JEREMY MAGGS: How do you make sure that the young doctors who are potentially placed in these areas are sufficiently motivated and committed?
MVUYISI MZUKWA: It’s always important to, first of all, look at the work environment. The work environment, as you know, we’ve got serious challenges like broken equipment, poor resourcing, these issues are important when you are to support the work of healthcare workers because they can’t deliver quality health services when actually they don’t have these support structures, supporting technologies and stuff like that.
So you do need to make sure that x-rays are working, MRIs are working, but also there’s enough security in those areas.
But the well-being of healthcare workers also is taken into consideration. These are not robots. These are human beings.
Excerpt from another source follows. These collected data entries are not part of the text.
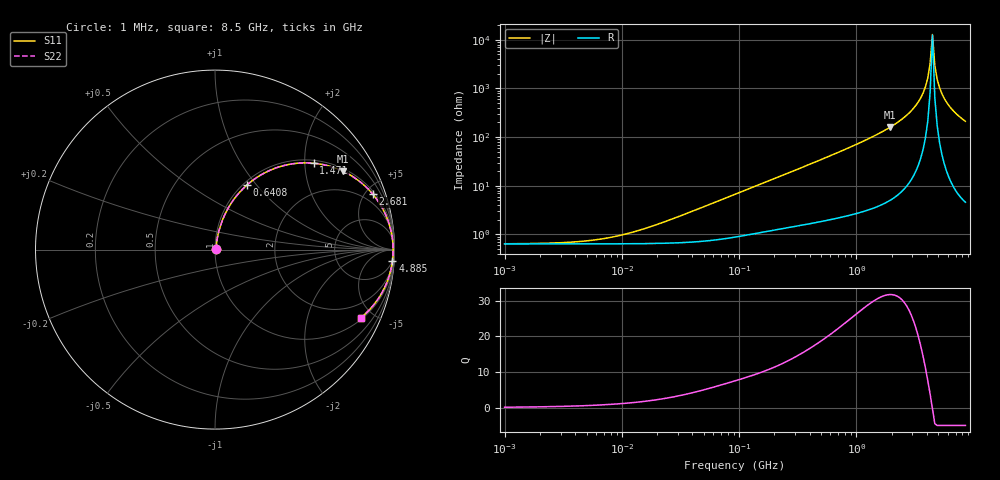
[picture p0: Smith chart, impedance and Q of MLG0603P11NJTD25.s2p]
! S-Parameter Data Generated by TDK Corporation
! Copyright(C) 2025 TDK Corporation.
! All Rights Reserved.
! TDK P/N: MLG0603P11NJTD25 (SMD / SMT Inductor (Coil))
! Property: L=11nH at 500MHz
! Size(LxWxT): 0.6x0.3x0.3mm
! Model Type: s2p (Touchstone File Format Version 1.0)
! Frequency: DC=Yes Start=1MHz Stop=8500MHz 198points Log-sweep
! Model Generated on Feb. 6, 2025
! Terms and conditions regarding TDK Simulation Models:
! 1)This simulation model is being provided solely for informational
!  purposes. Please refer to the specifications of the products in
!  terms of detailed characteristics of such products.
! 2)In no event shall TDK Corporation of any of its subsidiaries be
!  liable for any loss or damage arising, directly or indirectly,
!  from any information contained in this simulation model, including,
!  but not limited to loss or damages arising from any inaccuracies,
!  omissions or errors in connection with such information.
! 3)Any and all copyrights on this simulation model are owned by
!  TDK Corporation.  Duplication or redistribution of this simulation
!  model without prior written permission from TDK Corporation
!  is prohibited.
! 4)This simulation model is subject to any modification or change
!  without any prior notice.
! 5)Neither TDK Corporation nor any of its subsidiaries shall make any
!  warranty, express or implied, including but not limited to the
!  correctness, implied warranties of merchantability and fitness for
!  a particular purpose with respect to this simulation models.
! 6)The use of this simulation model shall be deemed to have consented
!  to the terms and conditions hereof.
! Port Assignments:
!  1 ---@@@--- 2
! Applicable Conditions:
!  Temperature = 25 degC
!  DC Bias Current = 0 A
!  Small Signal Operation
# Hz S MA R 50
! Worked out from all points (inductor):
!   197 points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, 1 MHz to 8.5 GHz, reference 50 ohm
!   read as one part in series: L = 11.7 nH near 27.76 MHz
!   highest Q = 31.7 at 1.94 GHz (marker M1), where L = 13.1 nH
!   self-resonance near 4.253 GHz
!   S11 on the Smith chart (normalised r, x): 1 MHz: 1.01, +0.00; 640.8 MHz: 1.04, +0.89; 1.471 GHz: 1.07, +2.21; 2.681 GHz: 1.20, +5.62; 4.885 GHz: 4, -31; 8.5 GHz: 1.09, -4.23
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1000000  0.006402 6.5  0.9936 -0.0  0.9936 -0.0  0.006402 6.5
4587603  0.007198 27.6  0.9936 -0.2  0.9936 -0.2  0.007198 27.6
9601846  0.009498 47.3  0.9936 -0.4  0.9936 -0.4  0.009498 47.3
2.10461e7  0.0167 66.1  0.9934 -0.9  0.9934 -0.9  0.0167 66.1
9.219544e7  0.06629 78.7  0.9891 -3.8  0.9891 -3.8  0.06629 78.7
4.229561e8  0.2767 70.6  0.945 -16.0  0.945 -16.0  0.2767 70.6
6.408078e8  0.3995 63.8  0.8982 -23.5  0.8982 -23.5  0.3995 63.8
9.708683e8  0.5567 54.0  0.8096 -33.8  0.8096 -33.8  0.5567 54.0
1.470933e9  0.7304 41.2  0.6594 -46.9  0.6594 -46.9  0.7304 41.2
1.940355e9  0.8367 31.5  0.522 -56.7  0.522 -56.7  0.8367 31.5
2.680511e9  0.9319 19.4  0.3317 -68.6  0.3317 -68.6  0.9319 19.4
3.37643e9  0.974 10.5  0.1831 -76.6  0.1831 -76.6  0.974 10.5
3.877948e9  0.9877 5.2  0.09135 -79.7  0.09135 -79.7  0.9877 5.2
4.061159e9  0.9903 3.4  0.06061 -79.1  0.06061 -79.1  0.9903 3.4
4.253027e9  0.9919 1.7  0.0301 -73.6  0.0301 -73.6  0.9919 1.7
4.453958e9  0.9925 -0.1  0.007715 14.3  0.007715 14.3  0.9925 -0.1
4.664383e9  0.9921 -1.9  0.03377 75.6  0.03377 75.6  0.9921 -1.9
4.884749e9  0.9907 -3.7  0.06442 79.9  0.06442 79.9  0.9907 -3.7
5.357206e9  0.9849 -7.2  0.1262 79.5  0.1262 79.5  0.9849 -7.2
5.87536e9  0.9751 -10.8  0.1877 77.0  0.1877 77.0  0.9751 -10.8
6.748056e9  0.9528 -16.2  0.2786 72.3  0.2786 72.3  0.9528 -16.2
8.5e9  0.8966 -25.1  0.4237 63.7  0.4237 63.7  0.8966 -25.1
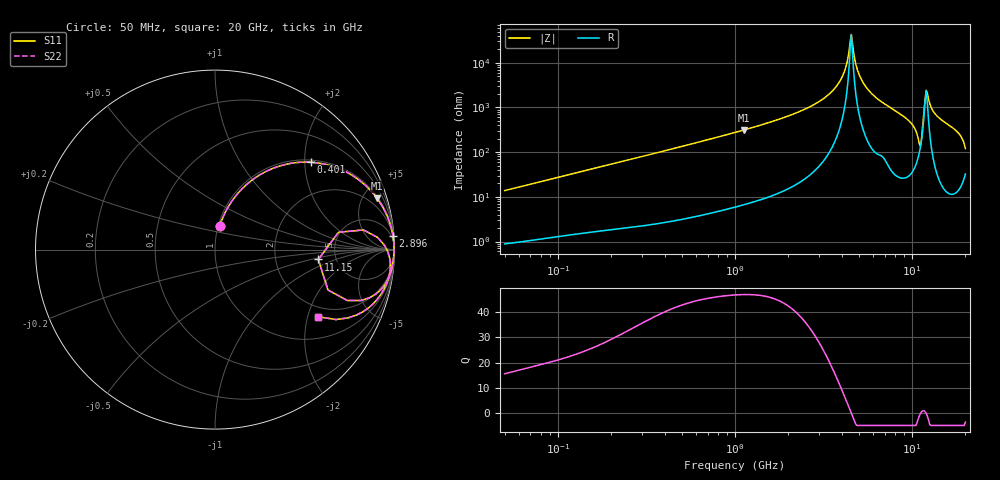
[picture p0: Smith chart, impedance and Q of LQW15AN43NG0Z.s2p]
!Murata Part Number: LQW15AN43NG0Z
!These Parameters are Measured in Series Mode Connection
!  o--[Z]--o
!Port1  Port2
!  o-------o
!Freq. Start=50[MHz] Stop=20[GHz], 401[Steps]
# Hz S RI R 50
!Freq.(Hz) S11(Real) S11(Imag) S21(Real) S21(Imag) S12(Real) S12(Imag) S22(Real) S22(Imag)
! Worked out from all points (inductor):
!   401 points, 50 MHz to 20 GHz, reference 50 ohm
!   read as one part in series: L = 43.6 nH near 51.52 MHz
!   highest Q = 47.1 at 1.127 GHz (marker M1), where L = 44.5 nH
!   self-resonance near 4.472 GHz
!   S11 on the Smith chart (normalised r, x): 50 MHz: 1.02, +0.28; 401 MHz: 1.05, +2.14; 2.896 GHz: 2, +25; 11.15 GHz: 3.63, -0.60; 20 GHz: 1.65, -2.33
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5e7  0.0269 0.1328  0.9731 -0.1328  0.9731 -0.1328  0.0269 0.1328
1.364002e8  0.1294 0.3155  0.8706 -0.3155  0.8706 -0.3155  0.1294 0.3155
3.721004e8  0.4976 0.4874  0.5024 -0.4874  0.5024 -0.4874  0.4976 0.4874
4.010383e8  0.5342 0.4865  0.4658 -0.4865  0.4658 -0.4865  0.5342 0.4865
1e9  0.8789 0.3158  0.1211 -0.3158  0.1211 -0.3158  0.8789 0.3158
1.127304e9  0.9036 0.2847  0.0964 -0.2847  0.0964 -0.2847  0.9036 0.2847
2.728004e9  0.9891 0.0893  0.0109 -0.0893  0.0109 -0.0893  0.9891 0.0893
2.896447e9  0.9911 0.0784  0.00888 -0.0784  0.00888 -0.0784  0.9911 0.0784
3.908127e9  0.997 0.0257  0.003 -0.0257  0.003 -0.0257  0.997 0.0257
4.149438e9  0.9975 0.0153  0.00255 -0.0153  0.00255 -0.0153  0.9975 0.0153
4.405649e9  0.9977 0.00496  0.00233 -0.00496  0.00233 -0.00496  0.9977 0.00496
4.539627e9  0.9977 -0.000262  0.00231 0.000262  0.00231 0.000262  0.9977 -0.000262
4.966507e9  0.9974 -0.0161  0.00263 0.0161  0.00263 0.0161  0.9974 -0.0161
5.352748e9  0.9966 -0.0297  0.00337 0.0297  0.00337 0.0297  0.9966 -0.0297
7.442007e9  0.9865 -0.0955  0.0135 0.0955  0.0135 0.0955  0.9865 -0.0955
1.050288e10  0.8621 -0.2677  0.1379 0.2677  0.1379 0.2677  0.8621 -0.2677
1.115139e10  0.5757 -0.0551  0.4243 0.0551  0.4243 0.0551  0.5757 -0.0551
1.183995e10  0.9432 0.0255  0.0568 -0.0255  0.0568 -0.0255  0.9432 0.0255
1.220001e10  0.9706 -0.0365  0.0294 0.0365  0.0294 0.0365  0.9706 -0.0365
1.354865e10  0.9721 -0.1368  0.0279 0.1368  0.0279 0.1368  0.9721 -0.1368
1.800918e10  0.879 -0.3039  0.121 0.3039  0.121 0.3039  0.879 -0.3039
2e10  0.5738 -0.3745  0.4262 0.3745  0.4262 0.3745  0.5738 -0.3745
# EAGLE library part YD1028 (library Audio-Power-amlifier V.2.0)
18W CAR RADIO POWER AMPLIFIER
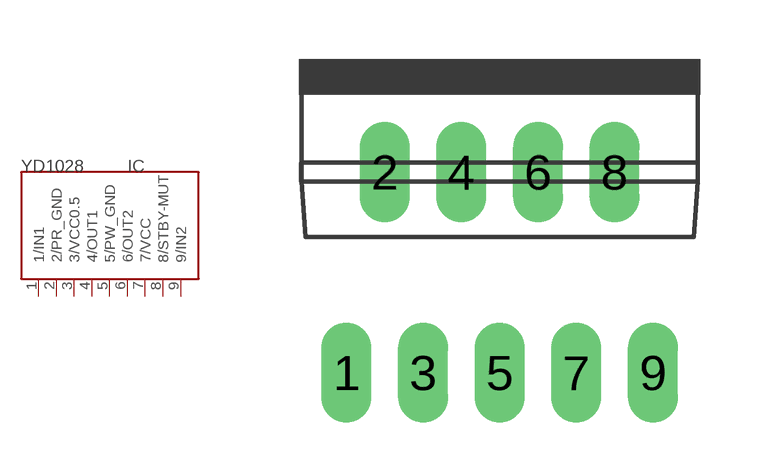
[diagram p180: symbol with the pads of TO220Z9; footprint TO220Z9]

Designator prefix IC

## YD1028  [TO220Z9]
1  1/IN1  in
2  2/PR_GND  pwr
3  3/VCC0.5  pwr
4  4/OUT1  out
5  5/PW_GND  pwr
6  6/OUT2  out
7  7/VCC  pwr
8  8/STBY-MUT  in
9  9/IN2  in

## Footprint TO220Z9 (pad centres in mm)
9-lead single in-line (TO220Z9) plastic power package
drill 0.5 pad 1.27 long: 1 -3.88,-5.08; 2 -2.91,0; 3 -1.94,-5.08; 4 -0.97,0; 5 0,-5.08; 6 0.97,0; 7 1.94,-5.08; 8 2.91,0; 9 3.88,-5.08
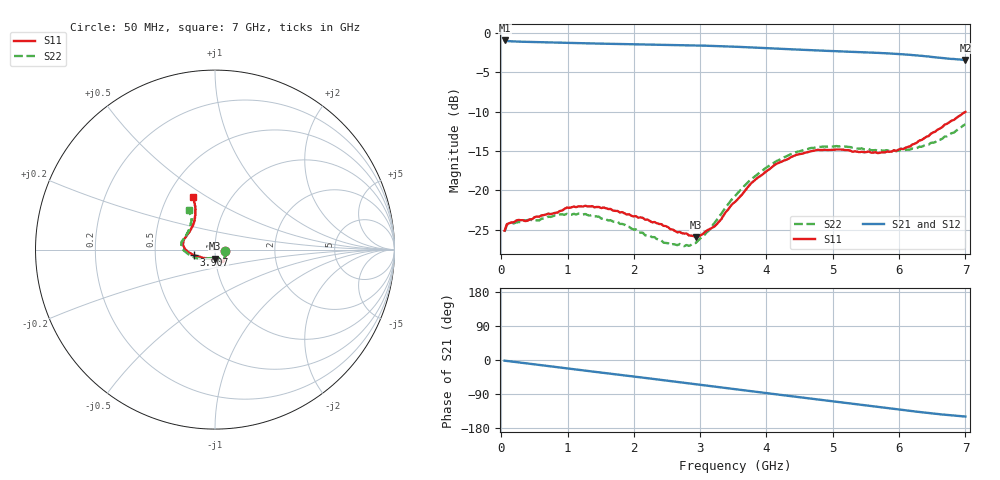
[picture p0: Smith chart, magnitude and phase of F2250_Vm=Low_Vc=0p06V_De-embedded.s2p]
! Integrated Device Technology
! Corporate Headquarters
! 6024 Silver Creek Valley Road
! San Jose, CA 95138  USA
! Phone:  1-408-284-8200
! Toll Free:  1-800-223-1366
! Webpage:  http://www.idt.com/
! Timing and RF Division
! 515 Groton Road, Suite 102
! Westford, MA 01886-6024
! Device:  F2250
! Description: Voltage Variable RF Attenuator
! Frequency:  50.0 -  6000.00 MHz
! Package:  3x3 mm Thin QFN Plastic Package: 16 pin
! Ports:  2 RF, 3 DC
!  Pin  1  = GND
!  Pin  2  = NC
!  Pin  3  = RF1  = Port 1
!  Pin  4  = NC
!  Pin  5  = GND
!  Pin  6  = GND
!  Pin  7  = GND
!  Pin  8  = GND
!  Pin  9  = NC
!  Pin 10  = RF2  = Port 2
!  Pin 11  = NC
!  Pin 12  = GND
!  Pin 13  = GND
!  Pin 14  = VCNTRL
!  Pin 15  = VDD
!  Pin 16  = VMODE
! Vcntrl:  0.060 Volts
! Vmode:  +0.000 Volts
! Vdd:  +3.30  Volts
! Current:  1.106 mA
! Data:  The device was measured on a the F2250 evaluation board which has
!  individual transmission lines to the RF pins.  Data was collected
!  using a calibrated network analyzer.  The evaluation board was
!  de-embedded using a TRL calibration technique.
!  The reference plane is the edge of the package pin.
! Misc:  SN 10
!  Action Tracker AT0258
! Date Measured:  2014-11-26
! Date:  2015-10-15  MJV
! Note:
!  Integrated Device Technology supplies this data as a sample of measured
!  data at the package pin for this product.  Your particular data for this
!  product may vary.
!  Data was taken at 25 degrees C.
!  Integrated Device Technology reserves the right to change this data at anytime.
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# GHz S dB R 50
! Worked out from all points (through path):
!   201 points, 50 MHz to 7 GHz, reference 50 ohm
!   highest |S21| = -0.93 dB at 50 MHz (marker M1); lowest = -3.4 dB at 7 GHz (marker M2)
!   group delay of S21, straight-line fit = 59.9 ps
!   lowest |S11| = -26.0 dB at 2.934 GHz (marker M3), VSWR 1.11, Z = 49.5 - j4.99 ohm
!   |S11| at or under -10 dB: start of sweep to end of sweep
!   |S22| runs from -27.1 to -11.6 dB; largest |S21 - S12| = 0.00029
!   S11 on the Smith chart (normalised r, x): 50 MHz: 1.12, -0.02; 3.907 GHz: 0.79, -0.05; 7 GHz: 0.67, +0.43
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0.05  -25.12 -9.7  -0.93 -1.8  -0.93 -1.8  -25.23 -10.1
0.08475  -24.29 -9.7  -0.99 -2.5  -0.99 -2.5  -24.35 -9.4
0.15425  -24.07 -11.9  -1.04 -4.0  -1.04 -3.9  -24.10 -11.0
0.57125  -23.35 -30.1  -1.14 -13.1  -1.14 -13.1  -23.82 -30.4
0.884  -22.62 -45.9  -1.20 -19.9  -1.20 -19.9  -23.05 -46.8
1.2315  -22.06 -56.0  -1.28 -27.4  -1.28 -27.3  -23.06 -59.7
1.75275  -22.62 -62.8  -1.37 -38.4  -1.37 -38.4  -23.96 -66.7
2.37825  -24.27 -63.6  -1.46 -51.8  -1.46 -51.8  -26.30 -67.8
2.552  -24.95 -67.8  -1.49 -55.6  -1.49 -55.6  -26.95 -73.3
2.83  -25.72 -83.3  -1.54 -61.7  -1.54 -61.7  -27.06 -92.7
2.93425  -25.97 -92.5  -1.56 -64.0  -1.56 -64.0  -26.68 -101.5
3.21225  -24.62 -122.1  -1.63 -70.1  -1.63 -70.1  -24.17 -127.6
3.525  -21.47 -148.3  -1.72 -77.0  -1.72 -77.0  -20.72 -146.4
3.76825  -19.09 -161.3  -1.81 -82.4  -1.81 -82.4  -18.56 -156.7
3.90725  -18.18 -165.6  -1.87 -85.4  -1.87 -85.4  -17.67 -162.8
4.1505  -16.61 -173.7  -1.97 -90.7  -1.96 -90.7  -16.27 -171.4
4.7065  -14.96 172.3  -2.18 -102.7  -2.18 -102.7  -14.60 175.7
5.15825  -14.82 161.5  -2.33 -112.5  -2.33 -112.4  -14.37 166.6
5.85325  -15.10 138.4  -2.58 -127.4  -2.58 -127.4  -15.00 151.6
6.166  -14.40 127.6  -2.75 -134.2  -2.75 -134.2  -14.81 142.8
6.444  -13.10 119.3  -2.96 -140.0  -2.96 -140.0  -14.19 133.4
7  -10.01 113.1  -3.41 -149.2  -3.41 -149.2  -11.60 123.9

They need to be taken good care of.
Those Employee Assistance Programmes (EAP), they need to be revived so that if there are any challenges mentally, those young doctors can be assisted, and also make sure that they progress in their careers.
JEREMY MAGGS: Notwithstanding your concerns, would I be correct in saying that there is the possibility that if these doctors are optimally placed, it should have a positive impact on the overall quality and accessibility of healthcare services?
MVUYISI MZUKWA: There is no doubt, Jeremy, because if you look at the report that came from the World Health Organisation (WHO), it tells us that 90% of the universal health coverage interventions happen at a primary health level.
So if you populate those areas, it means already you are advancing the goal of universal health coverage.
So if you get those doctors to populate those areas, I am sure that it would be very good planning, considering if that plan is implemented. If it’s not implemented, it’s just a promise that is not helpful, not only to the doctors, but also to the population at large.
JEREMY MAGGS: You’ve raised a number of concerns about this decision. Do you have any plans to raise this with the health minister?
MVUYISI MZUKWA: Yes, we’ve already had one meeting that we had with the department. There will be a follow-up meeting where we want to especially engage the minister on the plans regarding these healthcare workers who he promised to place, but also many other issues that we want to raise with the minister, especially looking at the deterioration of healthcare infrastructure and many other things that are affecting the healthcare system. As the South African Medical Association, this week from Thursday until Saturday, we are having a conference that looks at the strengthening of the healthcare system in South Africa.
JEREMY MAGGS: I’m going to leave it there. Thank you very much indeed, Dr Mvuyisi Mzukwa from the South African Medical Association, he is the chair.